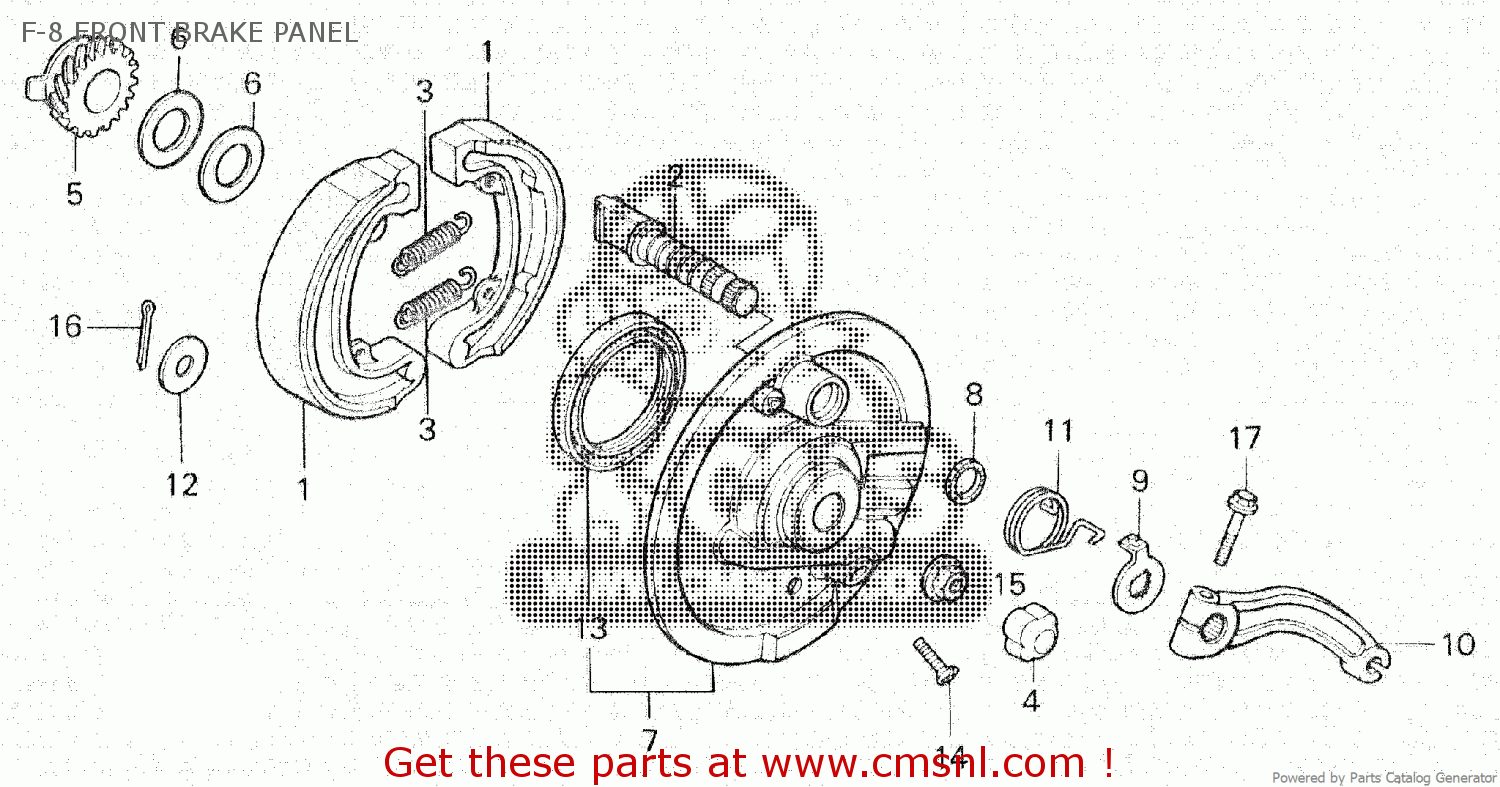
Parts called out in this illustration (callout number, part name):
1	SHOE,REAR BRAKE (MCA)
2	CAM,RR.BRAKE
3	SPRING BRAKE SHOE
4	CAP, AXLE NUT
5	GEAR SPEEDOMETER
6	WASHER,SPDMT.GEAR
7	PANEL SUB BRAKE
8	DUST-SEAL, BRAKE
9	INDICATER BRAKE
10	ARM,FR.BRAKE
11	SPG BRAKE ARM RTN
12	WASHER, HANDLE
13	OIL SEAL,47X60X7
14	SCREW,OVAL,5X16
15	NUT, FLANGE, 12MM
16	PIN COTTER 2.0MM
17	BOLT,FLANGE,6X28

::::

◆ WHAT YOU NEED TO DO
Among the records above, count the lines that include the word "FLANGE" and state the number by itself.

◆ RESPONSE
2